"Nice" bases for finite dimensional semisimple Hopf algebras

Question

Let $H$ be a finite dimensional semisimple Hopf algebra over $\mathbb{C}$. Can one choose a basis $\{h_1, \dots, h_n \}$ of $H$, where $h_1 = 1$, such that if we write $$ \Delta(h_i) = \sum_{1 \leq j,k \leq n} \alpha_{ijk} h_j \otimes h_k $$ for some $\alpha_{ijk} \in \mathbb{C}$, then $\alpha_{ij1} = 0$ for all $i,j$, except $i=1$ (since obviously $\Delta(1) = 1 \otimes 1$)? That is, if we write $\Delta(h_i)$ as the sum of $n$ tensors where the second tensorand is a basis vector, is $h_1$ the only basis vector with a nonzero summand of the form $- \otimes 1$?

If $H = \mathbb{C}G$ is a group algebra, then the basis consisting of grouplike elements obviously has this property. If $G = \mathbb{Z}_p$ is cyclic of order $p$, then $(\mathbb{C} \mathbb{Z}_p)^*$ has this property (and I think this is true for any finite abelian group). Many examples I know of have this property (e.g. the Kac-Palyutkin Hopf algebra).
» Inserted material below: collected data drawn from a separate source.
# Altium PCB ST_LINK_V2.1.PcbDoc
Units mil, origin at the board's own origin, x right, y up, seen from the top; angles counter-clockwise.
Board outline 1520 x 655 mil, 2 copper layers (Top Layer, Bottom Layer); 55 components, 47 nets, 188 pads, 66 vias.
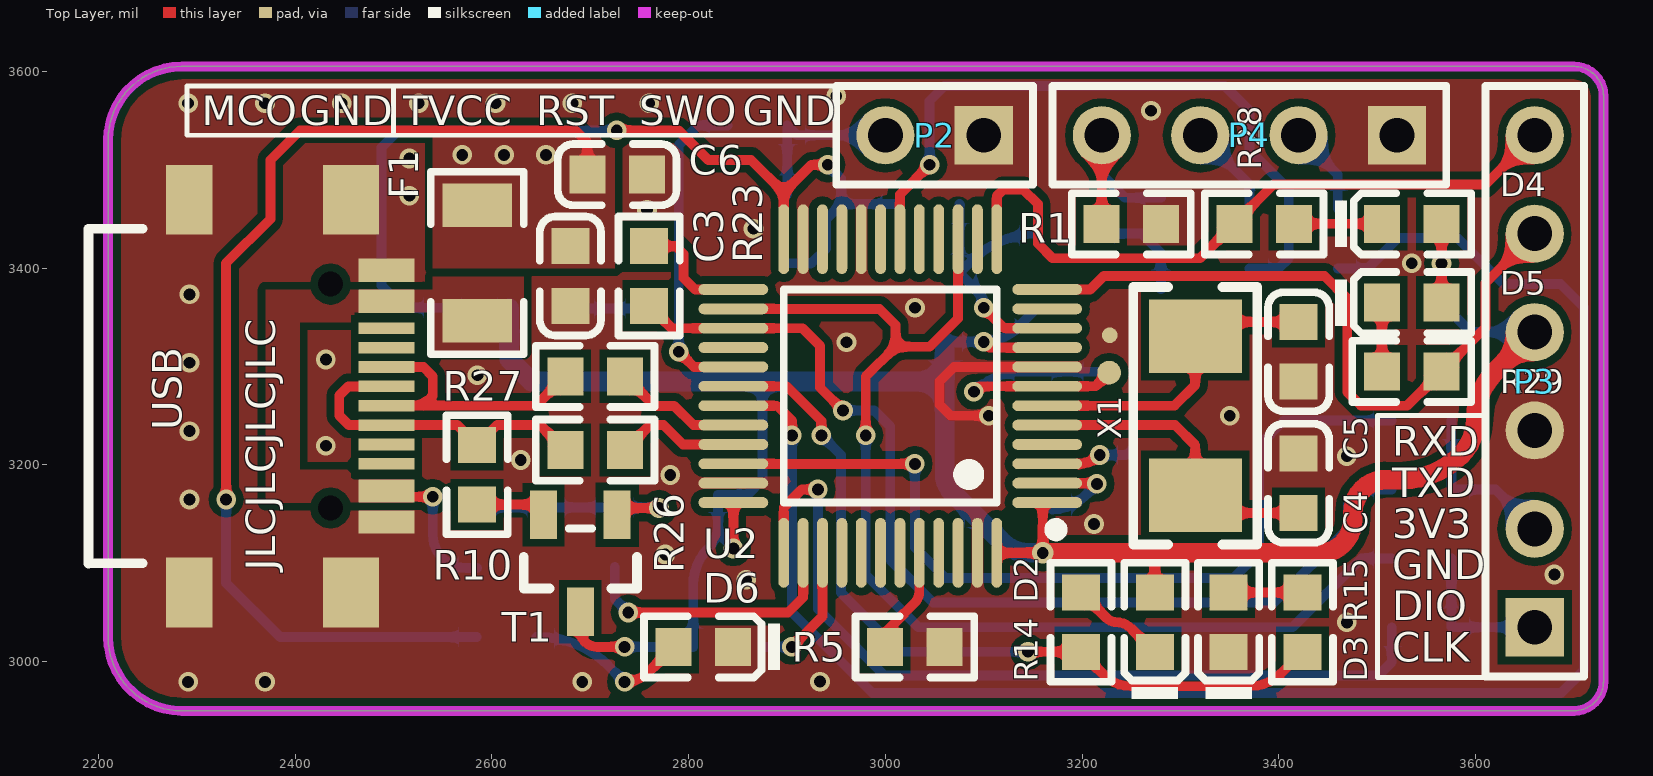
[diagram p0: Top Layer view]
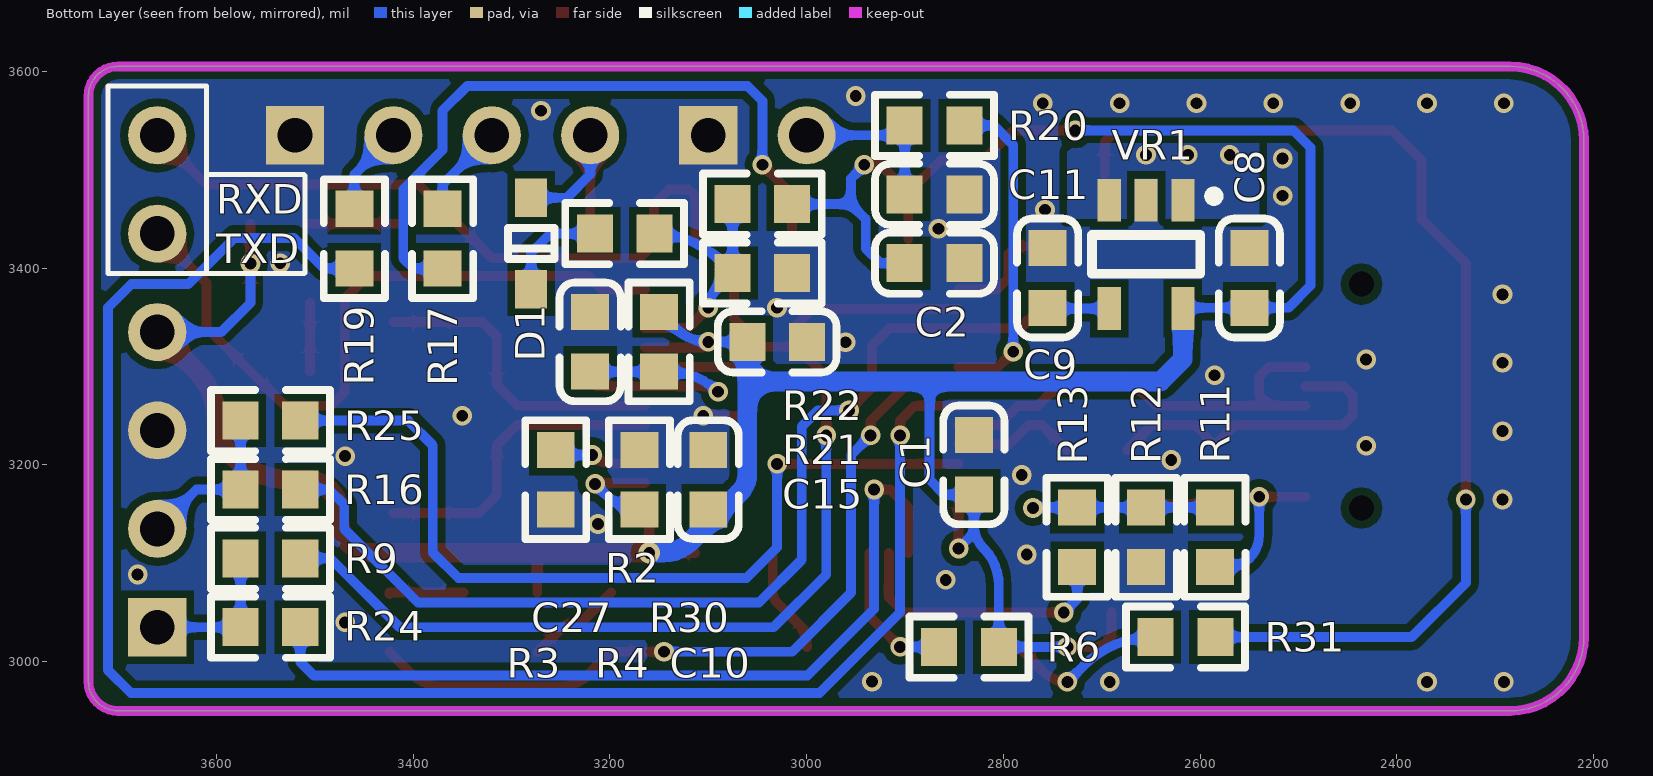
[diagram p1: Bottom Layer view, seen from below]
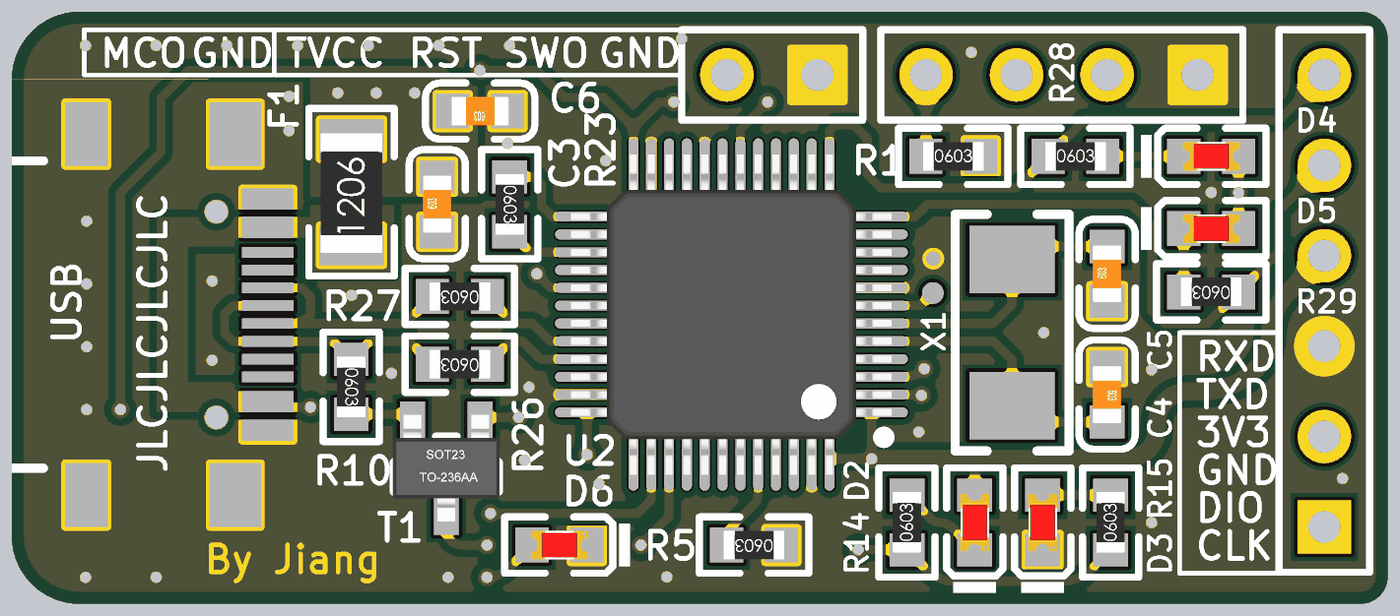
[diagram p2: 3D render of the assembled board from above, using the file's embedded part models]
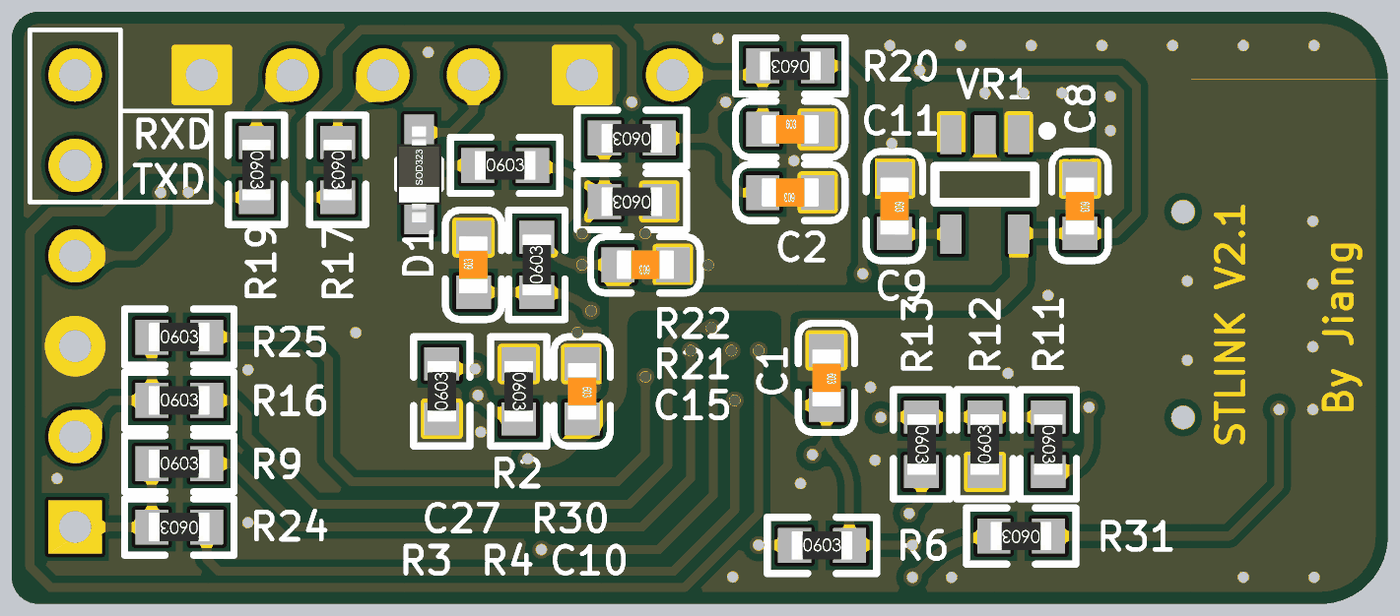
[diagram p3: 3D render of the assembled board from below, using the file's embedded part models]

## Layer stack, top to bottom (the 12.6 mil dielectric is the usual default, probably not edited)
Top Solder: solder mask 0.4, Solder Resist, Dk 3.5
Top Layer: signal copper 1.4
Dielectric 1: dielectric 12.6, FR-4, Dk 4.8
Bottom Layer: signal copper 1.4
Bottom Solder: solder mask 0.4, Solder Resist, Dk 3.5

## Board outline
2285,2950 cw(c2285,3025) 2210,3025 2210,3530 cw(c2285,3530) 2285,3605 3700,3605 cw(c3700,3575) 3730,3575 3730,2980 cw(c3700,2980) 3700,2950

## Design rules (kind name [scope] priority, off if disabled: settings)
Clearance [All] p1: gap=8 ignorepadtopadclearanceinfootprint=TRUE except(0: Arc-Hole Track-Hole SMDPad-Hole THPad-Hole Via-Hole Fill-Hole Poly-Hole Region-Hole Text-Hole)
PolygonConnect PolygonConnect_8 [All vs IsNamedPolygon('Top Layer-5V_USB_CHG 1') Or  IsNamedPolygon('Top Layer-5V_USB_CHG') Or  IsNamedPolygon('Bottom Layer-5V_USB_CHG') Or  IsNamedPolygon('Bottom Layer-GND') Or  IsNamedPolygon('Top Layer-GND') Or  IsNamedPolygon('Top Layer-5V_USB_CHG 2')] p1: connectstyle=Direct reliefconductorwidth=10 reliefentries=4 polygonreliefangle="90 Angle" airgapwidth=10
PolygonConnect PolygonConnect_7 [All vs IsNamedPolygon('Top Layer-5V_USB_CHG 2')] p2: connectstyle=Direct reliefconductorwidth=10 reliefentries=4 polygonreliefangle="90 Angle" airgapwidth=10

However, I can't tell if this is true for $(\mathbb{C} S_3)^*$, for example.

In general, if we let $G(H)$ denote the set of grouplikes, then it might be sensible to consider a basis consisting of unions of cosets of $G(H)$. However, I haven't been able to get this to work.

Answer 1

Given a basis for $H$ of the sort you are looking for, let $V$ be the linear span of $h_2, \dots, h_n$. Then $V \cap \mathbb C1 = 0$ and $\Delta(V) \subset V \otimes V$. Conversely, given such a $V$, any basis for $V$, together with 1, will do what you ask.

Carefully dualizing, we are asking if the dual Hopf algebra $H^*$ must have a 1-dimensional two sided ideal that is not contained in the kernel of the dual of the unit $\eta^*: H^* \rightarrow \mathbb C$.

Let try this out when $H$ is the dual of a group algebra, so $H^* = \mathbb C G$. Is there such a 1-dimensional ideal? Yes: let $\bar G = \sum_{g \in G}g \in H^* = \mathbb C G$. The span of this element is a one dimensional ideal, and the element has augmentation $|G|$, not 0.